Ever since 'he' moved to the town I can see a pattern of changes that ha taken place (over what is about a year now). Even when I am clearing stuff out everytime I look at photo's I realise that 'he' features in many of them (much more so than other friends do).

In a strange way I am not 100% how I should react to her anymore...we still have to talk and see each other sometimes because of sorting things out - she sometimes still gives me a hug - I find that very difficult to handle - yes I enjoy the hug but for me it also remind me of the memories that we had shared but that I now share with no-one.....

Am I ready for another relationship? Only I can tell that I guess but with the feeling of time that has passed I think I am....in many respects finding that I can do what I want, as I want has been refreshing however even though this has been really hard to start with I haven't lost faith that there will be someone out there who I will love and who will love me....

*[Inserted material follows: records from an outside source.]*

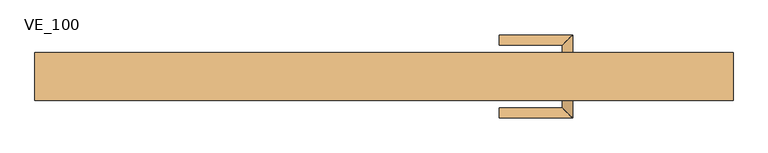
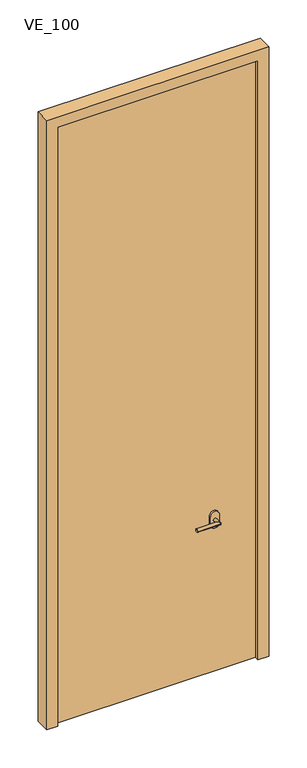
"""IFC4 building model written with IfcOpenShell, lengths in millimetres: door geometry, TRP_CP_ARC_PO_1B_PV : VE_100."""

from ifc_helpers import new_model, si_unit, point, frame, frame_2d, origin, origin_with_axes, place, context, project, spatial, polyline, circle_curve, ellipse_curve, trimmed, segment, composite_curve, outline, extrude, source, transform, mapped, element, save
from ifc_brep_helpers import plane_surface, cylinder_surface, advanced_brep


def ve_100_0215b1d1(model_context):
    return source(origin(), model_context, "Body", "SolidModel", [
        advanced_brep(
        [(260.6231001, -25.0, 740.0), (275.6231001, -25.0, 740.0), (260.6231001, -45.8278773, 740.0), (275.6231001, -60.8278773, 740.0), (168.1231001, -45.8278773, 740.0), (168.1231001, -60.8278773, 740.0)],
        [
            (0, 1, circle_curve(frame((268.1231001, -25.0, 740.0), z_axis=(0.0, 1.0, 0.0), x_axis=(1.0, 0.0, 0.0)), 7.5)),
            (1, 0, circle_curve(frame((268.1231001, -25.0, 740.0), z_axis=(0.0, 1.0, 0.0), x_axis=(1.0, 0.0, 0.0)), 7.5)),
            (0, 2),
            (2, 3, ellipse_curve(frame((268.1231001, -53.3278773, 740.0), z_axis=(0.7071067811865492, 0.7071067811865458, 0.0), x_axis=(-0.7071067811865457, 0.7071067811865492, 0.0)), 10.6066017, 7.5)),
            (3, 1),
            (3, 2, ellipse_curve(frame((268.1231001, -53.3278773, 740.0), z_axis=(0.7071067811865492, 0.7071067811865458, 0.0), x_axis=(-0.7071067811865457, 0.7071067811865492, 0.0)), 10.6066017, 7.5)),
            (4, 5, circle_curve(frame((168.1231001, -53.3278773, 740.0), z_axis=(-1.0, 0.0, 0.0), x_axis=(0.0, -1.0, 0.0)), 7.5)),
            (5, 4, circle_curve(frame((168.1231001, -53.3278773, 740.0), z_axis=(-1.0, 0.0, 0.0), x_axis=(0.0, -1.0, 0.0)), 7.5)),
            (2, 4),
            (5, 3),
        ],
        [
            plane_surface(frame((268.1231001, -25.0, 740.0), z_axis=(0.0, 1.0, 0.0), x_axis=(0.0, 0.0, 1.0))),
            cylinder_surface(frame((268.1231001, -25.0, 740.0), z_axis=(0.0, 1.0, 0.0), x_axis=(1.0, 0.0, 0.0)), 7.5),
            plane_surface(frame((168.1231001, -53.3278773, 740.0), z_axis=(-1.0, 0.0, 0.0), x_axis=(0.0, 0.0, 1.0))),
            cylinder_surface(frame((268.1231001, -53.3278773, 740.0), z_axis=(1.0, 0.0, 0.0), x_axis=(0.0, -1.0, 0.0)), 7.5),
        ],
        [
            (0, [[1, 2]]),
            (1, [[-1, 3, 4, 5]]),
            (1, [[-2, -5, 6, -3]]),
            (2, [[7, 8]]),
            (3, [[-4, 9, -8, 10]]),
            (3, [[-6, -10, -7, -9]]),
        ],
    ),
        extrude(outline(composite_curve([segment(trimmed(circle_curve(frame_2d((760.0, 268.1231001)), 20.0), [point((760.0, 288.1231001))], [point((760.0, 248.1231001))], False, "CARTESIAN"), True, "CONTINUOUS"), segment(polyline([(760.0, 248.1231001), (720.0, 248.1231001)]), True, "CONTINUOUS"), segment(trimmed(circle_curve(frame_2d((720.0, 268.1231001)), 20.0), [point((720.0, 248.1231001))], [point((720.0, 288.1231001))], False, "CARTESIAN"), True, "CONTINUOUS"), segment(polyline([(720.0, 288.1231001), (760.0, 288.1231001)]), True, "CONTINUOUS")], self_intersect=False)), frame((0.0, -25.0, 0.0), z_axis=(0.0, 1.0, 0.0), x_axis=(0.0, 0.0, 1.0)), (0.0, 0.0, 1.0), 10.0),
        advanced_brep(
        [(260.6231001, 25.0, 740.0), (275.6231001, 25.0, 740.0), (275.6231001, 60.8278773, 740.0), (260.6231001, 45.8278773, 740.0), (168.1231001, 45.8278773, 740.0), (168.1231001, 60.8278773, 740.0)],
        [
            (0, 1, circle_curve(frame((268.1231001, 25.0, 740.0), z_axis=(0.0, -1.0, 0.0), x_axis=(1.0, 0.0, 0.0)), 7.5)),
            (1, 0, circle_curve(frame((268.1231001, 25.0, 740.0), z_axis=(0.0, -1.0, 0.0), x_axis=(1.0, 0.0, 0.0)), 7.5)),
            (1, 2),
            (2, 3, ellipse_curve(frame((268.1231001, 53.3278773, 740.0), z_axis=(0.7071067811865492, -0.7071067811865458, 0.0), x_axis=(-0.7071067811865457, -0.7071067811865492, 0.0)), 10.6066017, 7.5)),
            (3, 0),
            (3, 2, ellipse_curve(frame((268.1231001, 53.3278773, 740.0), z_axis=(0.7071067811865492, -0.7071067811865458, 0.0), x_axis=(-0.7071067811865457, -0.7071067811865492, 0.0)), 10.6066017, 7.5)),
            (4, 5, circle_curve(frame((168.1231001, 53.3278773, 740.0), z_axis=(-1.0, 0.0, 0.0), x_axis=(0.0, 1.0, 0.0)), 7.5)),
            (5, 4, circle_curve(frame((168.1231001, 53.3278773, 740.0), z_axis=(-1.0, 0.0, 0.0), x_axis=(0.0, 1.0, 0.0)), 7.5)),
            (2, 5),
            (4, 3),
        ],
        [
            plane_surface(frame((268.1231001, 25.0, 740.0), z_axis=(0.0, -1.0, 0.0), x_axis=(0.0, 0.0, 1.0))),
            cylinder_surface(frame((268.1231001, 25.0, 740.0), z_axis=(0.0, -1.0, 0.0), x_axis=(1.0, 0.0, 0.0)), 7.5),
            plane_surface(frame((168.1231001, 53.3278773, 740.0), z_axis=(-1.0, 0.0, 0.0), x_axis=(0.0, 0.0, 1.0))),
            cylinder_surface(frame((268.1231001, 53.3278773, 740.0), z_axis=(1.0, 0.0, 0.0), x_axis=(0.0, 1.0, 0.0)), 7.5),
        ],
        [
            (0, [[1, 2]]),
            (1, [[3, 4, 5, -2]]),
            (1, [[-5, 6, -3, -1]]),
            (2, [[7, 8]]),
            (3, [[9, -7, 10, -4]]),
            (3, [[-10, -8, -9, -6]]),
        ],
    ),
        extrude(outline(composite_curve([segment(trimmed(circle_curve(frame_2d((760.0, 268.1231001)), 20.0), [point((760.0, 288.1231001))], [point((760.0, 248.1231001))], False, "CARTESIAN"), True, "CONTINUOUS"), segment(polyline([(760.0, 248.1231001), (720.0, 248.1231001)]), True, "CONTINUOUS"), segment(trimmed(circle_curve(frame_2d((720.0, 268.1231001)), 20.0), [point((720.0, 248.1231001))], [point((720.0, 288.1231001))], False, "CARTESIAN"), True, "CONTINUOUS"), segment(polyline([(720.0, 288.1231001), (760.0, 288.1231001)]), True, "CONTINUOUS")], self_intersect=False)), frame((0.0, 15.0, 0.0), z_axis=(0.0, 1.0, 0.0), x_axis=(0.0, 0.0, 1.0)), (0.0, 0.0, 1.0), 10.0),
        extrude(outline(polyline([(460.0, 15.0), (460.0, -15.0), (-460.0, -15.0), (-460.0, 15.0), (460.0, 15.0)])), origin_with_axes(), (0.0, 0.0, 1.0), 2905.0),
        extrude(outline(polyline([(0.0, 510.0), (2955.0, 510.0), (2955.0, -510.0), (0.0, -510.0), (0.0, -460.0), (2905.0, -460.0), (2905.0, 460.0), (0.0, 460.0), (0.0, 510.0)])), frame((0.0, -35.0, 0.0), z_axis=(0.0, 1.0, 0.0), x_axis=(0.0, 0.0, 1.0)), (0.0, 0.0, 1.0), 70.0),
    ])


if __name__ == "__main__":
    model = new_model("IFC4")
    model_context = context("Model", 3, world=origin())
    ifc_project = project(units=[si_unit("LENGTHUNIT", "METRE", prefix="MILLI")], contexts=[model_context])
    site = spatial("IfcSite", under=ifc_project)
    building = spatial("IfcBuilding", under=site)
    placement = place(None, origin())
    ve_100_shape = ve_100_0215b1d1(model_context)
    element("IfcDoor", 1, ObjectType="TRP_CP_ARC_PO_1B_PV : VE_100", at=placement, inside=building, context=model_context, shape_type="MappedRepresentation", body=[
        mapped(ve_100_shape, transform((0.0, 0.0, 0.0), x_axis=(1.0, 0.0, 0.0), y_axis=(0.0, 1.0, 0.0), z_axis=(0.0, 0.0, 1.0))),
    ])
    save(model, "model.ifc")

Does any of this make sense....sorry for rambling on!

Jxx

IcingOnTheMoon
7th September 2007, 03:55 AM
Yes, it makes sense. And ramble all you want! That's (kinda) what these forums are for! I can understand how you missed what was going on. You trusted your wife and that's what married people are supposed to do. As far as how to react to her...follow your instincts. You don't owe her kindness if you don't feel it. I'm glad you're adjusting to your new "freedom" although I'm sure there are times it doesn't feel that way. As to a new relationship...that's totally up to you and whether you think you're ready for it.

I hope you continue to find strength within yourself. You certainly seem to be on your way!